Wimbledon Village basement extensions limit could be imposed by Merton Council

Map showing basement excavations granted (blue) and proposed (red) in Wimbledon Village over the past three months.

Map showing basement excavations granted (blue) and proposed (red) in Wimbledon Village over the past three months.

First published in News This Is Local London: Photograph of the Author by , Reporter

Merton council has moved to impose limits on basement extensions, with five proposals submitted on New Year's Eve alone, as rising numbers of homeowners dig down.

Wimbledon Village is at the centre of the "digdowns" trend, with 12 applications granted in the past three months and 18 further under consideration.

Underground extensions have become popular as owners attempt to boost their home's value without expanding the property's footprint.

John Keeble, associate director of Hamptons International, Wimbledon, said: "This has been a growing trend in the last five years due to the increase in value of property in the village. A lot of people are paying about £500 per square ft for basement extensions."

In response to the growing number of applications, the council is introducing its first planning policy dedicated to basements, expected to be active by spring.

The new policy rules out extensions under listed buildings, where they will cause loss, damage or long term threat to trees and limits their area to exceeding no more than 50 per cent of either the front, rear or side garden of the property.

Applicants for significant basement extensions will have to pay experts to assess impacts on drainage, flooding, ground water conditions and structural stability before submitting plans.

Developments will also have to demonstrate they meet carbon reduction requirements.
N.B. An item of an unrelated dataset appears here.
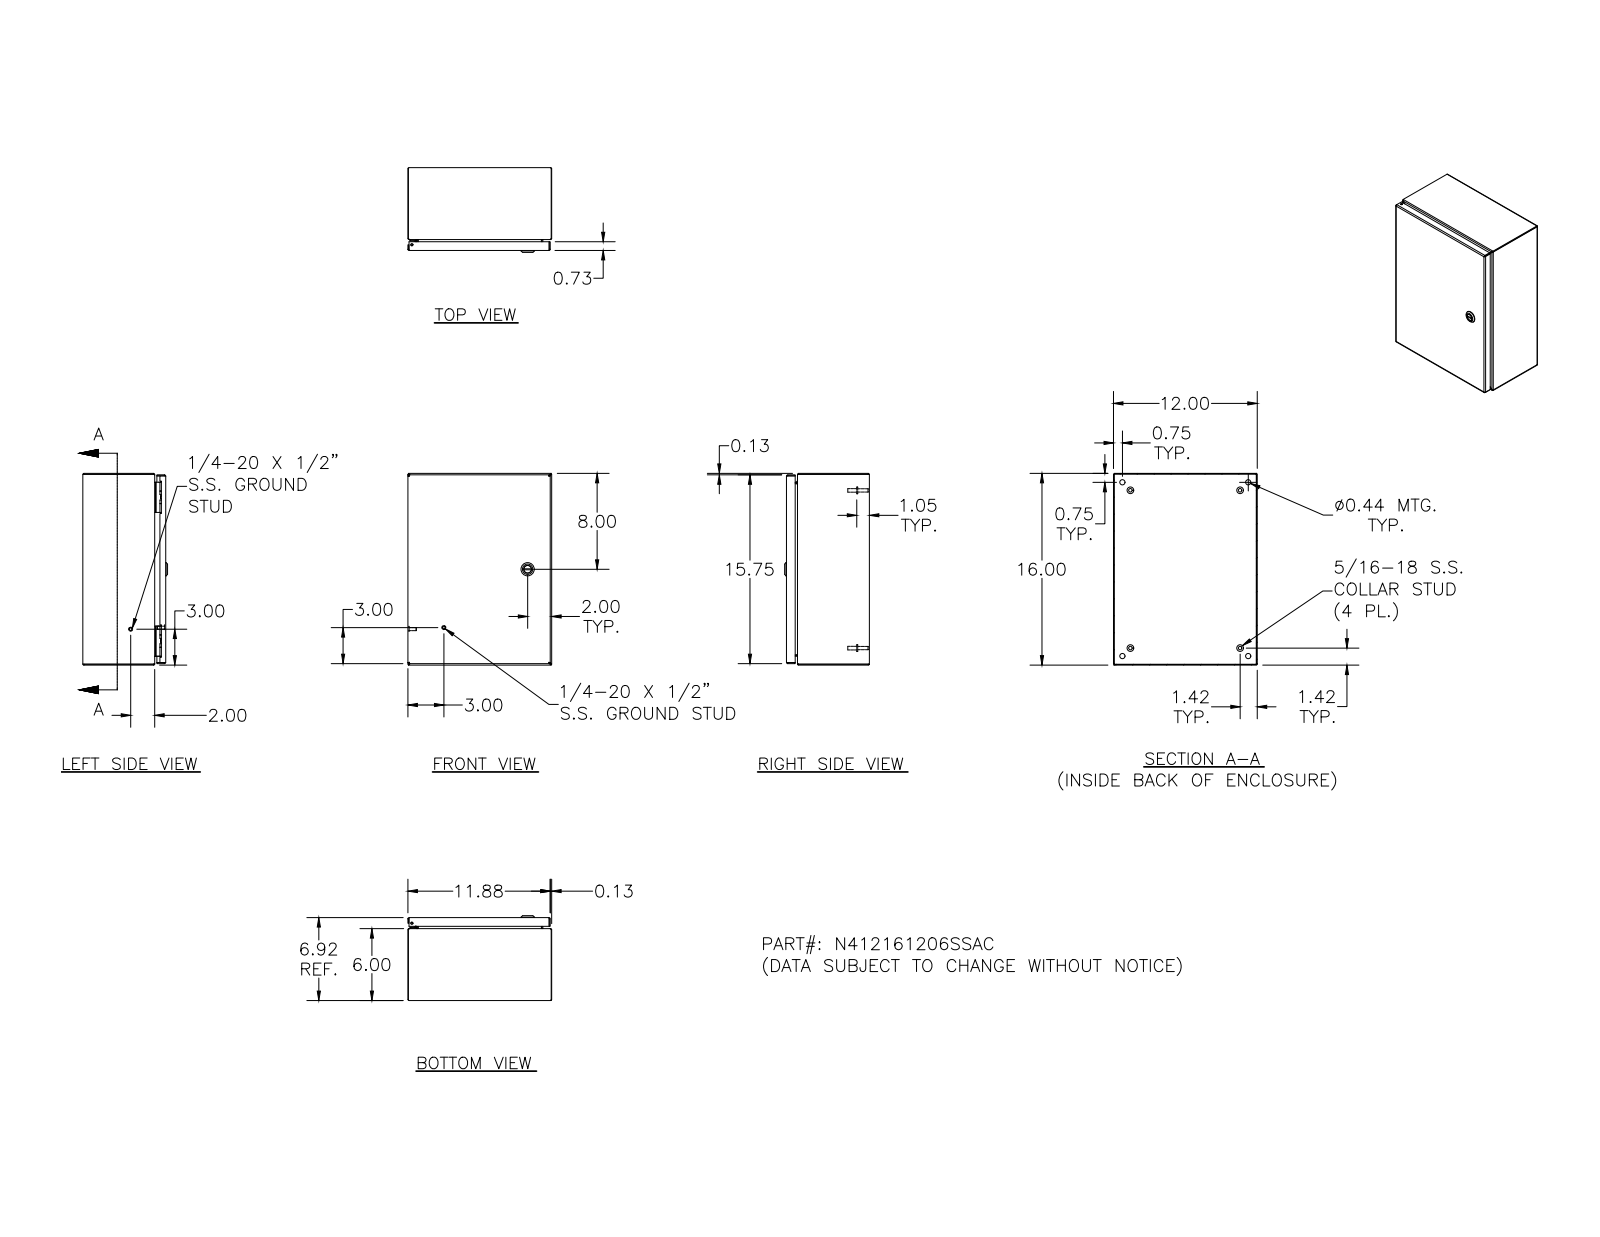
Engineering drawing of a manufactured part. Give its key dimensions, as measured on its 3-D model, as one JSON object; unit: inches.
{"part_name": "N412161206SSAC; N412161206SSACBKP; 388151; N4121612SSACLID (+8 more)", "step_written_by": "Autodesk Inventor 2011 (AUTOMOTIVE_DESIGN)", "units": "inches", "bodies": {"solids": 34, "faces": 1364, "planar": 523, "cylindrical": 497, "other": 344}, "overall_size": [16, 12, 7.075], "volume_in3": 62.32, "surface_area_in2": 1699, "round_holes": [[0.188, 5], [0.093, 4], [0.152, 4], [0.167, 4], [0.172, 4], [0.437, 4], [0.156, 2], [0.187, 1], [0.197, 1], [0.315, 1], [0.394, 1], [0.402, 1]], "round_bosses_or_shafts": [[0.25, 10], [0.563, 4], [0.36, 4], [0.32, 4], [0.3, 4], [0.275, 4], [0.256, 4], [0.164, 4]], "partial_cylinders_radius": [[0.05, 26], [0.016, 18], [0.016, 16], [0.09, 16], [0.031, 14], [0.125, 14], [0.02, 9], [0.032, 8]], "face_to_face_distances": [0.074, 6.843, 11.926, 6.769, 6.917, 15.926, 12, 11.852, 5.926, 0.917], "hole_center_spacings": [12, 0.017, 0.66, 0.019, 0.5, 0.648, 0.652, 0.656]}
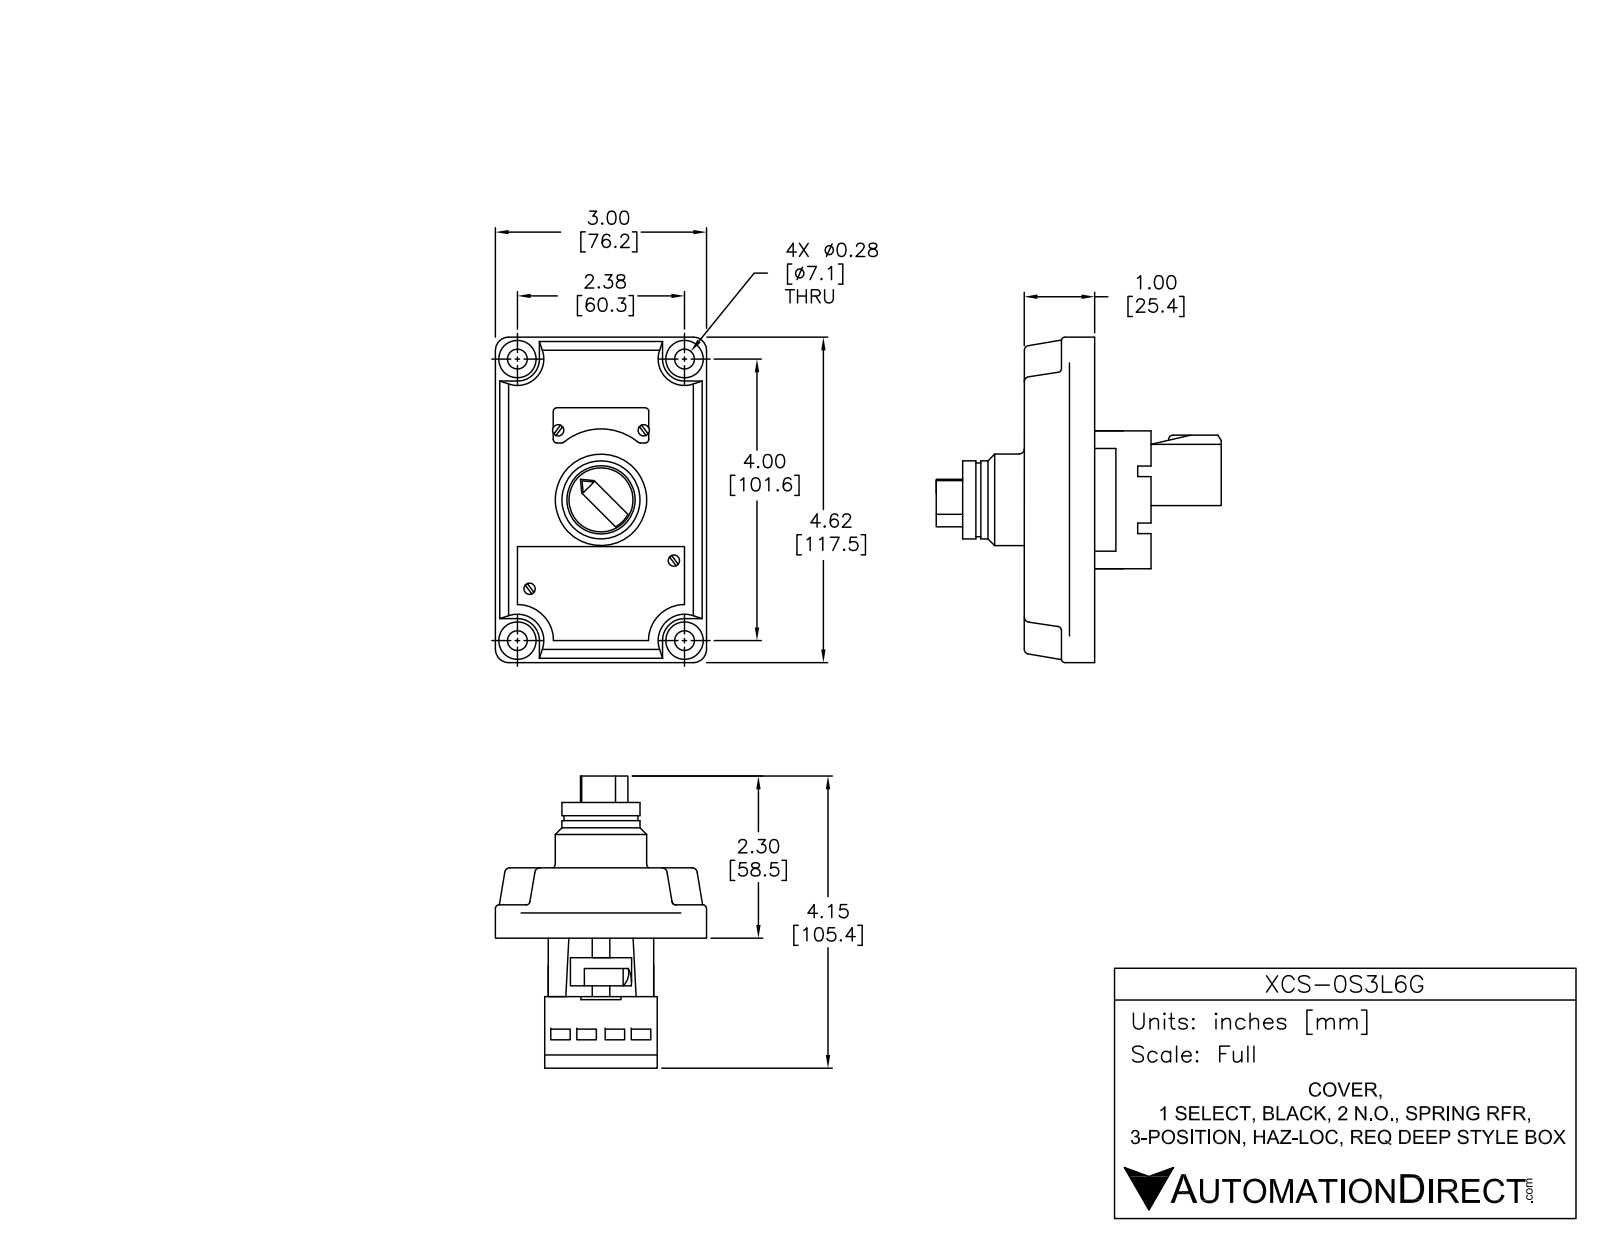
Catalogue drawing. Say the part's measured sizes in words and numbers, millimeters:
The part is named "XCS-0S3L6G". Its 3-D file was written by "SolidWorks 2015 (AUTOMOTIVE_DESIGN)". It is 11 solids with 490 faces: 181 planar, 179 cylindrical and 130 other. Overall it measures 117.6 by 94.14 by 78.74 millimeters. Its volume is 210 810 cubic millimeters and its surface area 59 522 square millimeters. Round holes: 4 of diameter 6.65, 4 of diameter 6.86, 1 of diameter 24.64. Round bosses or shafts: 6 of diameter 3.3, 4 of diameter 11.6, 4 of diameter 6.35, 1 of diameter 33.02, 1 of diameter 28.19, 1 of diameter 26.67, 1 of diameter 23.11. Partial cylindrical surfaces (rounded edges, fillets, slot ends): 28 of radius 0.25, 10 of radius 1.27, 8 of radius 0.51, 8 of radius 1.4, 8 of radius 3, 4 of radius 2.38, 4 of radius 2.54, 4 of radius 9.65. The main face-to-face distances are 13.34, 12.7, 26.04, 11.3, 24, 37.34, 17.5, 6.5, 4.8, 30.84. The hole center spacings are 59.11, 10.2, 20.4, 60.46, 101.6, 118.23, 10.13, 10.18.

The policy shift comes after Kensington & Chelsea council announced similar restrictions on basement extensions, following neighbours' concerns about noise disruption and structural damage to their homes.

Sue Cooke, chairwoman of Parkside Residents Association, said: "Most new builds and renovations include a basement extension.

"The council needs to ensure the work is done properly and with the least risk of damage to neighbouring properties and the local environment. The proliferation of this type of application could be setting up lots more problems for the future as other boroughs like Kensington & Chelsea have found out."

Some residents in St Mary's Road, Wimbledon, a hotbed for basement excavations, say they have already experienced structural damage from excavations.

One resident, who did not want to be named, said: "There are water streams in this area which have been re-routed by basement excavations. The last six months have been an absolute joke. We've had water coming from below and from above so every time it rains outside it rains in our kitchen."

Simon Pole, principal of Pole Structural Engineers, Wimbledon, said: "Basement excavations are not something to undertake lightly but if done professionally there is no reason why they can't go well."

Mr Pole, who has surveyed several Wimbledon homes planning underground extensions, recommended getting advice from architects and chartered surveyors with local knowledge of the area before digging down.

Homeowners' proposals for basement extensions have become increasingly ambitious, with designs for cinemas, media rooms, gyms, wine cellars and walk-in wardrobes all featuring in recent planning applications.

Councillor Andrew Judge, cabinet member for environment, sustainability and regeneration, said: "Concerns expressed about basement extensions often relate to the disturbance during construction and the potential impact on the structural integrity of the neighbouring properties.

"In Merton, we also receive concerns over the potential loss of rainwater soakaway, drainage, trees and biodiversity from back gardens.

"The council's new policy is designed to protect the environment and neighbours' interests from the impact of basement extensions."